These DEGs are analyzed in cluster profilers to assign gene ontology terms for the roles that DEGs can play in biological processes, molecular function, and cell composition. The role of DEGs in various metabolic pathways uses the Gene Ontology (GO) and Kyoto Encyclopedia of Genes and Genomes (KEGG) as well as screening based approaches. Gene Set Enrichment analysis (GSEA) is a statistical method used to determine whether genes from a specific pathway or other predefined Gene sets are differentially expressed in different phenotypes (15). GSEA and clusterProfiler are used to analyze the Reactome path and define each functional cluster, and false detection rate (FDR) < 0.25, P < 0.05 was considered significant enrichment. The GSVA was used to execute the functional enrichment analysis to clarify the unique signaling pathways of variation trend of differentially expressed genes in fast responder and slow responder with psoriasis, and define the |correlation coefficient | > 0.5 cut-off value (16).

PPI Network Analysis

PPI network analysis uses STRING to determine that STRING is a database that searches for protein interactions, including direct physical interactions between proteins and indirect functional correlations. CytoHubba as a useful addon in Cytoscape, provides 12 topological analysis methods which can be used to explore important nodes in biological networks. Molecular Complexity Detection (MCODE), which acts as a screening module for PPI networks, has a cut-off value of 10, node score cut-off value of 0.2, K‐core of 2 and a maximum depth of 100. GO analysis was performed for the first three modules using the STRING Enrichment plugin. FDR<0.05 was the cut-off standard for GO analysis.

Results

Guselkumab Improves the Clinical Manifestations of Psoriasis

Patients with psoriasis (n=37) received a single subcutaneous injection of 100mg guselkumab. Clinical response was assessed up to week 48 on the basis of PASI response. Proportion of patients with PASI 75 in remission at week 48 was shown in Figure 1A. At week 4, PASI 75 response was achieved by 32.2% of patients. While at week 48, 92% of patients achieved PASI 75 response. The proportion of patients with PASI 90 is shown in Figure 1B, with PASI 90 in remission in 27.5% of patients at week 4 and 81.2% at week 48. The clinical laboratory indicators of psoriasis patients after treatment with guselkumab were shown in Figure 2. Guselkumab is generally considered to be well tolerated. As of week 48, no serious infection, malignancy, cardiovascular problems, severe hypersensitivity or death were reported.

FIGURE 1

Figure 1 The proportion of patients with psoriasis area and severity index (PASI 75) remission (A) or PASI 90 remission (B) from baseline to 48 weeks.

FIGURE 2

Figure 2 Laboratory indicators after guselkumab treatment. (A) Changes in IL-17 and IL-23 expression levels. The expression of IL-17 at baseline was (96.14 ± 18.35); Week 4 was (52.44 ± 24.12), Week 8 was (31.27 ± 11.54); The expression of IL-23 at baseline was (70.13 ± 20.26), Week 4 was (44.20 ± 14.19), Week 8 was (29.65 ± 8.64). (B) Changes in CXCL16 and CXCL17 expression level. The expression of CXCL16 at baseline was (1153.32 ± 25.53); Week 4 was (750.38 ± 15.37), Week 8 was (228.47 ± 11.43); The expression of CXCL17 at baseline was (1089.64 ± 18.17), Week 4 was (796.53 ± 20.63), Week 8 was (196.85 ± 7.98).
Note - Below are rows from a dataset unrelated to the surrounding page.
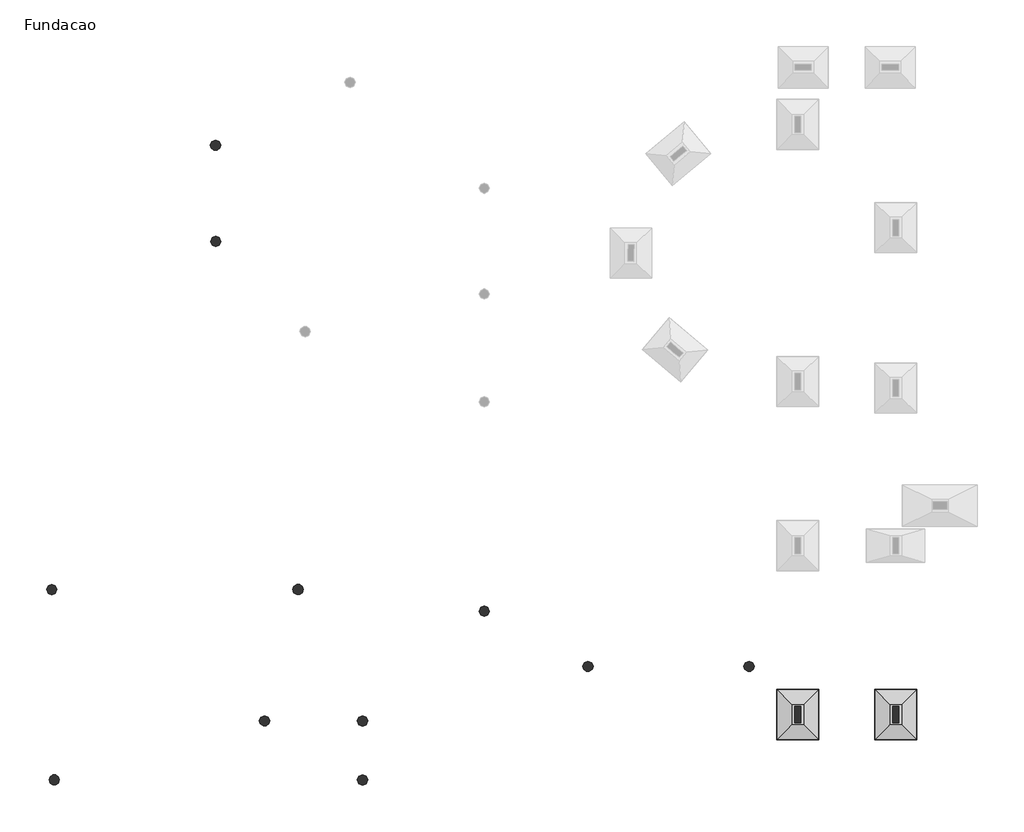
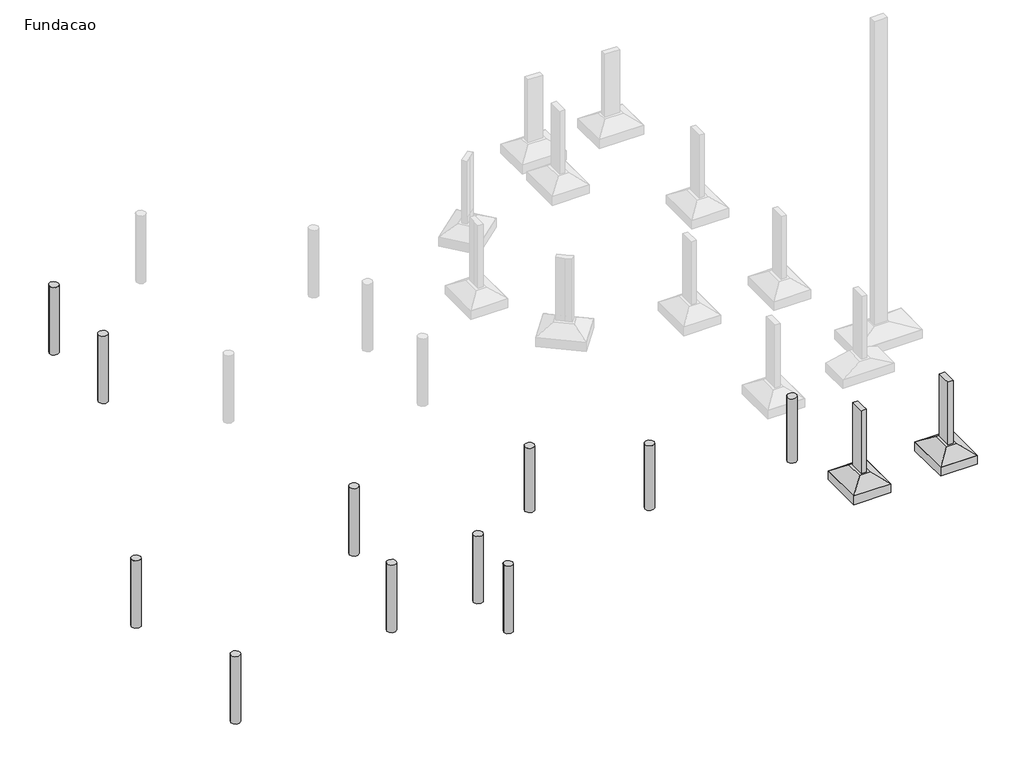
# One storey, part 1 of 2: 13 columns, 2 fasteners.
"""IFC4 building model written with IfcOpenShell, lengths in millimetres."""

import ifcopenshell
import ifcopenshell.guid

model = None  # the IFC model being written
_history = None  # IfcOwnerHistory: only IFC2X3 demands one
_inside = {}  # id of a spatial element -> (the spatial element, [elements in it])
_under = {}  # id of a project, library or spatial element -> (it, [spatial elements below it])
_declared = {}  # id of a project -> (the project, [libraries it declares])
_typed = {}  # id of a type object -> (the type object, [elements of that type])
_made_of = {}  # id of a material, layer set ... -> (it, [elements and type objects made of it])


def new_model(schema):
    """Start an empty IFC model of exactly this schema.

    Asked for "IFC4X3", IfcOpenShell would pick the latest addendum, in which some entities
    have other attributes; the version numbers below select the first issue.
    IFC2X3 requires an IfcOwnerHistory on every rooted entity: one is made here for all.
    """
    global model, _history
    if schema == "IFC4X3":
        model = ifcopenshell.file(schema_version=(4, 3, 0, 0))
    else:
        model = ifcopenshell.file(schema=schema)
    _inside.clear()
    _under.clear()
    _declared.clear()
    _typed.clear()
    _made_of.clear()
    _history = None
    if model.schema == "IFC2X3":
        org = make("IfcOrganization", Name="unknown")
        user = make(
            "IfcPersonAndOrganization",
            ThePerson=make("IfcPerson", FamilyName="unknown"),
            TheOrganization=org,
        )
        app = make(
            "IfcApplication",
            ApplicationDeveloper=org,
            Version="unknown",
            ApplicationFullName="unknown",
            ApplicationIdentifier="unknown",
        )
        _history = make(
            "IfcOwnerHistory",
            OwningUser=user,
            OwningApplication=app,
            ChangeAction="ADDED",
            CreationDate=0,
        )
    return model


def make(cls, **values):
    """One entity of the class cls with the attributes given. An attribute that is None is left unset."""
    return model.create_entity(
        cls, **{name: value for name, value in values.items() if value is not None}
    )


def rooted(cls, **values):
    """An entity with a GlobalId (a new one), such as an element, a storey or a relation."""
    return make(cls, GlobalId=ifcopenshell.guid.new(), OwnerHistory=_history, **values)


def si_unit(unit_type, name, prefix=None):
    """IfcSIUnit, for example si_unit("LENGTHUNIT", "METRE", prefix="MILLI")."""
    return make("IfcSIUnit", UnitType=unit_type, Prefix=prefix, Name=name)


def assignment(units):
    """IfcUnitAssignment: the units of a project."""
    return None if units is None else make("IfcUnitAssignment", Units=units)


def point(xyz):
    """IfcCartesianPoint."""
    return None if xyz is None else make("IfcCartesianPoint", Coordinates=xyz)


def direction(xyz):
    """IfcDirection."""
    return None if xyz is None else make("IfcDirection", DirectionRatios=xyz)


def frame(location, z_axis=None, x_axis=None):
    """IfcAxis2Placement3D, a coordinate frame: its origin and axes. An axis left out is left unset."""
    return make(
        "IfcAxis2Placement3D",
        Location=point(location),
        Axis=direction(z_axis),
        RefDirection=direction(x_axis),
    )


def origin():
    """The frame at (0, 0, 0) with its axes left unset."""
    return frame((0.0, 0.0, 0.0))


def place(relative_to, where):
    """IfcLocalPlacement: puts the frame where relative to a parent placement (None: the world)."""
    return make(
        "IfcLocalPlacement", PlacementRelTo=relative_to, RelativePlacement=where
    )


def context(
    kind, dimensions, precision=None, world=None, true_north=None, identifier=None
):
    """IfcGeometricRepresentationContext, for example the 3D "Model" context."""
    return make(
        "IfcGeometricRepresentationContext",
        ContextIdentifier=identifier,
        ContextType=kind,
        CoordinateSpaceDimension=dimensions,
        Precision=precision,
        WorldCoordinateSystem=world,
        TrueNorth=true_north,
    )


def project(units=None, contexts=None):
    """IfcProject with its units and contexts."""
    return rooted(
        "IfcProject",
        Name="project",
        RepresentationContexts=contexts,
        UnitsInContext=assignment(units),
    )


def spatial(cls, under=None, at=None, **own):
    """A site, building, storey or space (cls), placed at a placement, below another one or the project."""
    s = rooted(cls, ObjectPlacement=at, **own)
    if under is not None:
        _under.setdefault(under.id(), (under, []))[1].append(s)
    return s


def polyline(points):
    """IfcPolyline through the points."""
    return make("IfcPolyline", Points=[point(p) for p in points])


def circle_curve(where, radius):
    """IfcCircle in the frame where."""
    return make("IfcCircle", Position=where, Radius=radius)


def outline(outer, holes=None, kind="AREA"):
    """IfcArbitraryClosedProfileDef: a profile drawn as a closed curve; with holes, ...WithVoids."""
    if holes is None:
        return make("IfcArbitraryClosedProfileDef", ProfileType=kind, OuterCurve=outer)
    return make(
        "IfcArbitraryProfileDefWithVoids",
        ProfileType=kind,
        OuterCurve=outer,
        InnerCurves=holes,
    )


def extrude(swept, where, along, depth):
    """IfcExtrudedAreaSolid: the profile swept, set in the frame where, extruded along a direction by depth."""
    return make(
        "IfcExtrudedAreaSolid",
        SweptArea=swept,
        Position=where,
        ExtrudedDirection=direction(along),
        Depth=depth,
    )


def faces_of(points, faces, orient=None, outer=None):
    """IfcFace entities. A face is a list of loops; a loop is a list of indices into points, from 0.

    orient and outer hold one flag for each loop. By default every Orientation is true, the
    first loop of a face is its IfcFaceOuterBound and the others are IfcFaceBound.
    """
    made = []
    for i, loops in enumerate(faces):
        bounds = []
        for j, loop in enumerate(loops):
            is_outer = j == 0 if outer is None else outer[i][j]
            bounds.append(
                make(
                    "IfcFaceOuterBound" if is_outer else "IfcFaceBound",
                    Bound=make("IfcPolyLoop", Polygon=[points[k] for k in loop]),
                    Orientation=True if orient is None else orient[i][j],
                )
            )
        made.append(make("IfcFace", Bounds=bounds))
    return made


def faceted_brep(points, faces, orient=None, outer=None, voids=None):
    """IfcFacetedBrep: a solid bounded by flat faces; with voids (closed shells), ...WithVoids."""
    shared = [point(p) for p in points]
    hull = make("IfcClosedShell", CfsFaces=faces_of(shared, faces, orient, outer))
    if voids is None:
        return make("IfcFacetedBrep", Outer=hull)
    return make(
        "IfcFacetedBrepWithVoids",
        Outer=hull,
        Voids=[
            make(cls, CfsFaces=faces_of(shared, fs, o, b)) for cls, fs, o, b in voids
        ],
    )


def shape(context_of_items, identifier, shape_type, items):
    """IfcShapeRepresentation: the items that make up one representation, for example the "Body"."""
    return make(
        "IfcShapeRepresentation",
        ContextOfItems=context_of_items,
        RepresentationIdentifier=identifier,
        RepresentationType=shape_type,
        Items=items,
    )


def source(mapping_origin, context_of_items, identifier, shape_type, items):
    """IfcRepresentationMap: a shape defined once, which mapped items show again and again."""
    return make(
        "IfcRepresentationMap",
        MappingOrigin=mapping_origin,
        MappedRepresentation=shape(context_of_items, identifier, shape_type, items),
    )


def transform(
    local_origin,
    x_axis=None,
    y_axis=None,
    z_axis=None,
    scale=None,
    scale2=None,
    scale3=None,
    uniform=True,
):
    """IfcCartesianTransformationOperator3D, or its non-uniform kind. x_axis, y_axis, z_axis: its Axis1, 2, 3."""
    if uniform:
        return make(
            "IfcCartesianTransformationOperator3D",
            Axis1=direction(x_axis),
            Axis2=direction(y_axis),
            LocalOrigin=point(local_origin),
            Scale=scale,
            Axis3=direction(z_axis),
        )
    return make(
        "IfcCartesianTransformationOperator3DnonUniform",
        Axis1=direction(x_axis),
        Axis2=direction(y_axis),
        LocalOrigin=point(local_origin),
        Scale=scale,
        Axis3=direction(z_axis),
        Scale2=scale2,
        Scale3=scale3,
    )


def mapped(mapping_source, mapping_target):
    """IfcMappedItem: shows the shape of a source again, moved by a transform."""
    return make(
        "IfcMappedItem", MappingSource=mapping_source, MappingTarget=mapping_target
    )


def made_of(thing, what):
    """Note that an element or type object is made of a material, layer set ...; save() writes the relation."""
    if what is not None:
        _made_of.setdefault(what.id(), (what, []))[1].append(thing)
    return thing


def element(
    cls,
    number,
    at=None,
    inside=None,
    cuts=None,
    type_object=None,
    material=None,
    context=None,
    identifier="Body",
    shape_type=None,
    held_by="IfcProductDefinitionShape",
    body=None,
    shapes=None,
    **own,
):
    """One element of the class cls, such as IfcWall. Its Tag is "e" and its number.

    at: its placement. inside: the storey or other place that contains it. cuts: it is an
    opening in that element (IfcRelVoidsElement). A single representation is given by context,
    identifier, shape_type and body (its items); several are given by shapes. held_by: the class
    of the entity that holds the representations. save() writes the other relations.
    """
    e = rooted(cls, Tag="e%d" % number, ObjectPlacement=at, **own)
    if body is not None:
        shapes = [shape(context, identifier, shape_type, body)]
    if shapes is not None:
        e.Representation = make(held_by, Representations=shapes)
    if inside is not None:
        _inside.setdefault(inside.id(), (inside, []))[1].append(e)
    if cuts is not None:
        rooted(
            "IfcRelVoidsElement", RelatingBuildingElement=cuts, RelatedOpeningElement=e
        )
    if type_object is not None:
        _typed.setdefault(type_object.id(), (type_object, []))[1].append(e)
    return made_of(e, material)


def aggregate(whole, parts):
    """IfcRelAggregates: a whole, such as a stair, and the parts it consists of."""
    return rooted("IfcRelAggregates", RelatingObject=whole, RelatedObjects=parts)


def save(model, path):
    """Write the relations noted so far, then the file.

    IfcRelAggregates (storeys below a building ...), IfcRelContainedInSpatialStructure (elements
    in a storey), IfcRelDefinesByType, IfcRelAssociatesMaterial and IfcRelDeclares: one each for
    every whole, place, type object, material and project.
    """
    for whole, parts in _under.values():
        aggregate(whole, parts)
    for where, things in _inside.values():
        rooted(
            "IfcRelContainedInSpatialStructure",
            RelatedElements=things,
            RelatingStructure=where,
        )
    for kind, things in _typed.values():
        rooted("IfcRelDefinesByType", RelatedObjects=things, RelatingType=kind)
    for what, things in _made_of.values():
        rooted("IfcRelAssociatesMaterial", RelatedObjects=things, RelatingMaterial=what)
    for by, libraries in _declared.values():
        rooted("IfcRelDeclares", RelatingContext=by, RelatedDefinitions=libraries)
    model.write(path)


def plane_surface(at):
    """IfcPlane: the flat surface through the origin of the frame at, square to its z axis."""
    return make("IfcPlane", Position=at)


def cylinder_surface(at, radius):
    """IfcCylindricalSurface: all points at the distance radius from the z axis of the frame at."""
    return make("IfcCylindricalSurface", Position=at, Radius=radius)


def advanced_brep(points, edges, surfaces, faces):
    """IfcAdvancedBrep: a solid bounded by faces that lie on surfaces and meet in shared edges.

    An edge is (start, end): straight between two places in points (the first is 0);
    or (start, end, curve); or (start, end, curve, False) where it runs against its curve.
    A face is (place in surfaces, loops), or (place, loops, False) where it looks against
    its surface's normal. A loop lists edges by number (the first is 1), with a minus sign
    where the edge is run from its end to its start. The first loop is the outer one.
    """
    corners = [point(p) for p in points]
    vertices = [make("IfcVertexPoint", VertexGeometry=c) for c in corners]
    made = []
    for start, end, *more in edges:
        made.append(
            make(
                "IfcEdgeCurve",
                EdgeStart=vertices[start],
                EdgeEnd=vertices[end],
                EdgeGeometry=more[0] if more else make("IfcPolyline", Points=[corners[start], corners[end]]),
                SameSense=more[1] if len(more) > 1 else True,
            )
        )
    hull = []
    for where, loops, *sense in faces:
        bounds = []
        for j, loop in enumerate(loops):
            ring = [make("IfcOrientedEdge", EdgeElement=made[abs(k) - 1], Orientation=k > 0) for k in loop]
            bounds.append(
                make(
                    "IfcFaceOuterBound" if j == 0 else "IfcFaceBound",
                    Bound=make("IfcEdgeLoop", EdgeList=ring),
                    Orientation=True,
                )
            )
        hull.append(make("IfcAdvancedFace", Bounds=bounds, FaceSurface=surfaces[where], SameSense=sense[0] if sense else True))
    return make("IfcAdvancedBrep", Outer=make("IfcClosedShell", CfsFaces=hull))


def sps1_6b3be553(model_context):
    return source(origin(), model_context, "Body", "SolidModel", [
        faceted_brep([(-55.0, 50.0, 0.0), (-345.0, 50.0, 0.0), (-345.0, -450.0, 0.0), (-55.0, -450.0, 0.0), (300.0, 400.0, -250.0), (300.0, -800.0, -250.0), (-700.0, -800.0, -250.0), (-700.0, 400.0, -250.0)], [[[0, 1, 2, 3]], [[4, 5, 6, 7]], [[4, 7, 1, 0]], [[7, 6, 2, 1]], [[6, 5, 3, 2]], [[5, 4, 0, 3]]]),
        extrude(outline(polyline([(300.0, 400.0), (300.0, -800.0), (-700.0, -800.0), (-700.0, 400.0), (300.0, 400.0)])), frame((0.0, 0.0, -500.0), z_axis=(0.0, 0.0, 1.0), x_axis=(1.0, 0.0, 0.0)), (0.0, 0.0, 1.0), 250.0),
    ])


model = new_model("IFC4")

# Units and contexts
model_context = context("Model", 3, world=origin())
ifc_project = project(units=[si_unit("LENGTHUNIT", "METRE", prefix="MILLI")], contexts=[model_context])

# Site, building, storey
site = spatial("IfcSite", under=ifc_project)
building = spatial("IfcBuilding", under=site)
storey = spatial("IfcBuildingStorey", under=building, Name="Fundacao", Elevation=-1200.0)

# Columns
placement = place(None, origin())
element("IfcColumn", 1, ObjectType="TQS - Pilar circular : TQS - Pilar circular 25.0cm", at=placement, inside=storey, context=model_context, shape_type="AdvancedBrep", body=[
    advanced_brep(
    [(1325.0, -5454.2, -1500.0), (1575.0, -5454.2, -1500.0), (1325.0, -5454.2, 430.0), (1368.7596159, -5359.2, 430.0), (1575.0, -5454.2, 430.0), (1368.759616, -5549.2, 430.0)],
    [
        (0, 1, circle_curve(frame((1450.0, -5454.2, -1500.0), z_axis=(0.0, 0.0, -1.0), x_axis=(1.0, 0.0, 0.0)), 125.0)),
        (1, 0, circle_curve(frame((1450.0, -5454.2, -1500.0), z_axis=(0.0, 0.0, -1.0), x_axis=(1.0, 0.0, 0.0)), 125.0)),
        (2, 3, circle_curve(frame((1450.0, -5454.2, 430.0), z_axis=(0.0, 0.0, -1.0), x_axis=(1.0, 0.0, 0.0)), 125.0)),
        (3, 4, circle_curve(frame((1450.0, -5454.2, 430.0), z_axis=(0.0, 0.0, -1.0), x_axis=(1.0, 0.0, 0.0)), 125.0)),
        (4, 1),
        (0, 2),
        (4, 5, circle_curve(frame((1450.0, -5454.2, 430.0), z_axis=(0.0, 0.0, -1.0), x_axis=(1.0, 0.0, 0.0)), 125.0)),
        (5, 2, circle_curve(frame((1450.0, -5454.2, 430.0), z_axis=(0.0, 0.0, -1.0), x_axis=(1.0, 0.0, 0.0)), 125.0)),
    ],
    [
        plane_surface(frame((1575.0, -5454.2, -1500.0), z_axis=(0.0, 0.0, -1.0), x_axis=(0.0, -1.0, 0.0))),
        cylinder_surface(frame((1450.0, -5454.2, -1500.0), z_axis=(0.0, 0.0, 1.0), x_axis=(1.0, 0.0, 0.0)), 125.0),
        plane_surface(frame((1575.0, -5454.2, 430.0), z_axis=(0.0, 0.0, 1.0), x_axis=(0.0, 1.0, 0.0))),
    ],
    [
        (0, [[1, 2]]),
        (1, [[3, 4, 5, -1, 6]]),
        (1, [[7, 8, -6, -2, -5]]),
        (2, [[-8, -7, -4, -3]]),
    ],
),
])
element("IfcColumn", 2, ObjectType="TQS - Pilar circular : TQS - Pilar circular 25.0cm", at=placement, inside=storey, context=model_context, shape_type="AdvancedBrep", body=[
    advanced_brep(
    [(1325.0, -4039.0, -1500.0), (1575.0, -4039.0, -1500.0), (1325.0, -4039.0, 430.0), (1346.4384241, -3969.0, 430.0), (1575.0, -4039.0, 430.0), (1346.4384241, -4109.0, 430.0)],
    [
        (0, 1, circle_curve(frame((1450.0, -4039.0, -1500.0), z_axis=(0.0, 0.0, -1.0), x_axis=(1.0, 0.0, 0.0)), 125.0)),
        (1, 0, circle_curve(frame((1450.0, -4039.0, -1500.0), z_axis=(0.0, 0.0, -1.0), x_axis=(1.0, 0.0, 0.0)), 125.0)),
        (2, 3, circle_curve(frame((1450.0, -4039.0, 430.0), z_axis=(0.0, 0.0, -1.0), x_axis=(1.0, 0.0, 0.0)), 125.0)),
        (3, 4, circle_curve(frame((1450.0, -4039.0, 430.0), z_axis=(0.0, 0.0, -1.0), x_axis=(1.0, 0.0, 0.0)), 125.0)),
        (4, 1),
        (0, 2),
        (4, 5, circle_curve(frame((1450.0, -4039.0, 430.0), z_axis=(0.0, 0.0, -1.0), x_axis=(1.0, 0.0, 0.0)), 125.0)),
        (5, 2, circle_curve(frame((1450.0, -4039.0, 430.0), z_axis=(0.0, 0.0, -1.0), x_axis=(1.0, 0.0, 0.0)), 125.0)),
    ],
    [
        plane_surface(frame((1575.0, -4039.0, -1500.0), z_axis=(0.0, 0.0, -1.0), x_axis=(0.0, -1.0, 0.0))),
        cylinder_surface(frame((1450.0, -4039.0, -1500.0), z_axis=(0.0, 0.0, 1.0), x_axis=(1.0, 0.0, 0.0)), 125.0),
        plane_surface(frame((1575.0, -4039.0, 430.0), z_axis=(0.0, 0.0, 1.0), x_axis=(0.0, 1.0, 0.0))),
    ],
    [
        (0, [[1, 2]]),
        (1, [[3, 4, 5, -1, 6]]),
        (1, [[7, 8, -6, -2, -5]]),
        (2, [[-8, -7, -4, -3]]),
    ],
),
])
element("IfcColumn", 3, ObjectType="TQS - Pilar circular : TQS - Pilar circular 25.0cm", at=placement, inside=storey, context=model_context, shape_type="AdvancedBrep", body=[
    advanced_brep(
    [(-6065.0, -5454.2, -1500.0), (-5815.0, -5454.2, -1500.0), (-6065.0, -5454.2, 430.0), (-6021.218638, -5359.181408, 430.0), (-5930.0226515, -5329.5988262, 430.0), (-5858.759616, -5359.2, 430.0), (-5815.0, -5454.2, 430.0), (-5858.759616, -5549.2, 430.0), (-6021.218638, -5549.218592, 430.0)],
    [
        (0, 1, circle_curve(frame((-5940.0, -5454.2, -1500.0), z_axis=(0.0, 0.0, -1.0), x_axis=(1.0, 0.0, 0.0)), 125.0)),
        (1, 0, circle_curve(frame((-5940.0, -5454.2, -1500.0), z_axis=(0.0, 0.0, -1.0), x_axis=(1.0, 0.0, 0.0)), 125.0)),
        (2, 3, circle_curve(frame((-5940.0, -5454.2, 430.0), z_axis=(0.0, 0.0, -1.0), x_axis=(1.0, 0.0, 0.0)), 125.0)),
        (3, 4, circle_curve(frame((-5940.0, -5454.2, 430.0), z_axis=(0.0, 0.0, -1.0), x_axis=(1.0, 0.0, 0.0)), 125.0)),
        (4, 5, circle_curve(frame((-5940.0, -5454.2, 430.0), z_axis=(0.0, 0.0, -1.0), x_axis=(1.0, 0.0, 0.0)), 125.0)),
        (5, 6, circle_curve(frame((-5940.0, -5454.2, 430.0), z_axis=(0.0, 0.0, -1.0), x_axis=(1.0, 0.0, 0.0)), 125.0)),
        (6, 1),
        (0, 2),
        (6, 7, circle_curve(frame((-5940.0, -5454.2, 430.0), z_axis=(0.0, 0.0, -1.0), x_axis=(1.0, 0.0, 0.0)), 125.0)),
        (7, 8, circle_curve(frame((-5940.0, -5454.2, 430.0), z_axis=(0.0, 0.0, -1.0), x_axis=(1.0, 0.0, 0.0)), 125.0)),
        (8, 2, circle_curve(frame((-5940.0, -5454.2, 430.0), z_axis=(0.0, 0.0, -1.0), x_axis=(1.0, 0.0, 0.0)), 125.0)),
    ],
    [
        plane_surface(frame((-5815.0, -5454.2, -1500.0), z_axis=(0.0, 0.0, -1.0), x_axis=(0.0, -1.0, 0.0))),
        cylinder_surface(frame((-5940.0, -5454.2, -1500.0), z_axis=(0.0, 0.0, 1.0), x_axis=(1.0, 0.0, 0.0)), 125.0),
        plane_surface(frame((-5815.0, -5454.2, 430.0), z_axis=(0.0, 0.0, 1.0), x_axis=(0.0, 1.0, 0.0))),
    ],
    [
        (0, [[1, 2]]),
        (1, [[3, 4, 5, 6, 7, -1, 8]]),
        (1, [[9, 10, 11, -8, -2, -7]]),
        (2, [[-11, -10, -9, -6, -5, -4, -3]]),
    ],
),
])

Preprocessing of Expression Data in Gene and Identification in DEGs

The gene expression matrices of fast responders and slow responders were normalized and the principal component analysis diagram was drawn. The results show that the normalized sample clustering is more obvious, which show that the source of samples is reliable (Figure 3A). Heatmap of DEGs indicated a significant difference between fast responders and slow responders with psoriasis (Figure 3B).

FIGURE 3

Figure 3 Assessment and visualization between fast responders and slow responders. (A) A heat map was generated from unsupervised clustering of differentially expressed transcripts between fast responders and slow responders. For clarity, the 79 transcripts with-1.5>log2(FC)>1.5, and p<0.05 were selected. Green indicates low expression levels whereas red indicates high expression levels. (B) PCA plots after the batch effect removal.

The Function and Pathway Enrichment of DEGs Were Analyzed

Analysis of GO showed that DEGs was mainly related to Leukocyte activation and was involved in immune response, activation of neutrophils, degranulation of neutrophils, neutrophil migration and antimicrobial humoral response (Figure 4A). DEGs were mainly enriched in neutrophil degranulation, cytokine signaling in immune system and GPCR ligand binding, as demonstrated by KEGG analysis (Figure 4B). GSEA suggested fast responders with psoriasis was mainly involved in low-density neutrophils and abundant NK cells (Figure 4C).

FIGURE 4

Figure 4 Functional and pathway enrichment analysis of DEGs. (A) Analysis of biological functions using GO enrichment. (B) Pathway analysis using KEGG. (C) Gene enrichment analysis; Kolmogorov-Smirnov test was used to calculate P-values.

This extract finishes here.